Rekognition: If we decide not to surface any Rekognition tags in the API, we could simply retain the blanket provider-wide filter for all Rekognition tags.

Risks¶

We are only adding new data to the catalog as part of this effort; we do not intend to remove any existing data. We have full control over what data we filter when constructing the API database during the data refresh, and so we could opt to filter out all of the machine-generated labels that exist in the database even after the new ones are inserted. As such, this project poses little risk beyond increased database storage size.

Adding this new data will affect search relevancy. Discussion around that risk can be found in the project proposal.

Prior art¶

Previous examples for tag manipulation using the batched update DAG are shared throughout[8].

Analysis explanation¶

I downloaded the first 100MB of the file using the following command:

aws s3api get-object --bucket migrated-cccatalog-archives --key kafka/image_analysis_labels-2020-12-17.txt --range bytes=0-100000000 ~/misc/aws_rekognition_subset.txt

The S3 file referenced here is a JSON lines file where each line is a record for an image. I had to delete the last line because a byte selection couldn’t guarantee that the entire line would be read in completely, and it might not parse as valid JSON.

Then I used pandas and ipython for further exploration. Below is the script I used to ingest the data and compute the values referenced in the accuracy selection section:

import json
import pandas as pd

# Read the file in as JSON lines
df = pd.read_json("/home/madison/misc/aws_rekognition_subset.txt", lines=True)

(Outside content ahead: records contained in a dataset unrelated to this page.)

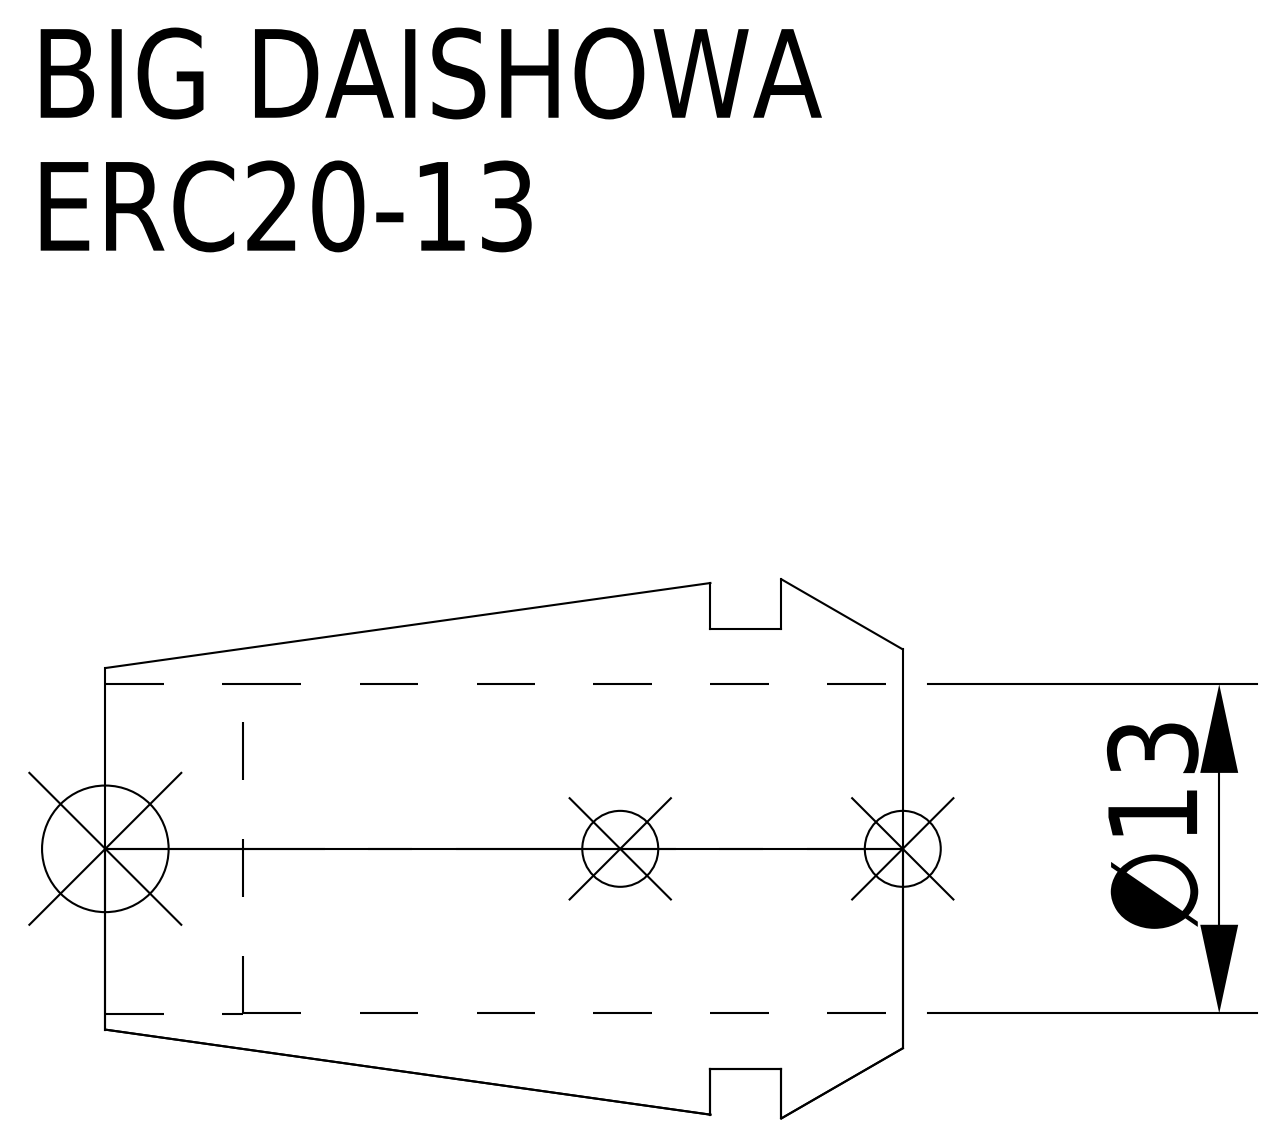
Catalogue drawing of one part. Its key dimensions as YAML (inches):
part_name: "ERC20-13"
step_written_by: "CREO PARAMETRIC BY PTC INC, 2016380 (AUTOMOTIVE_DESIGN)"
units: inches
bodies: {solids: 1, faces: 15, planar: 5, cylindrical: 6, other: 4}
overall_size: [1.24, 0.839, 0.839]
volume: 0.226
surface_area: 5.298
round_holes:
  - {diameter: 0.512, count: 1}
  - {diameter: 0.514, count: 1}
round_bosses_or_shafts:
  - {diameter: 0.685, count: 1}
face_to_face_distances: [0.11, 0.189, 0.299, 1.24, 1.051, 0.941, 1.027, 0.838, 0.728, 0.213]

# Extract the labels from each row into mini-dataframes
recs = []
for _, row in df.iterrows():
  iid = row.image_uuid
  try:
    # Normalize the labels into a table, then get only the name and confidence values
    # Skip the record if it doesn't have labels
    tags = pd.json_normalize(row.response["Labels"])[["Name", "Confidence"]]
  except KeyError:
    continue
  # Add the image ID as an index
  tags["image_uuid"] = iid
  recs.append(tags)

# Concatenate all dataframes together
# This results in the columns: image_uuid, name, confidence
xdf = pd.concat(recs)

# Compute the total number of labels
len(xdf)

# Get average statistics for the dataframe, namely confidence mean
xdf.describe()

# Average confidence by image
xdf.groupby("image_uuid").mean("Confidence").mean()

# Global median confidence
xdf.Confidence.median()

# Median confidence by image
xdf.groupby("image_uuid").median("Confidence").median()

# Number of labels w/ confidence higher than 90
(xdf.Confidence > 90).sum()

# Percent of total labels w/ confidence higher than 90
(xdf.Confidence > 90).sum() / len(xdf)

# Average number of tags per item w/ confidence higher than 90
(xdf.Confidence > 90).sum() / len(df)

Changelog¶

2024-07-25 - (#4662) Clarified policy around initially included demographic labels to ensure they’re reviewed on a case-by-case basis.
2024-08-19 - (#4784) Added a note about the inclusion-based filtering process and the “unreviewed” label capture, and a note to insert all available Rekognition data and filter it afterwards.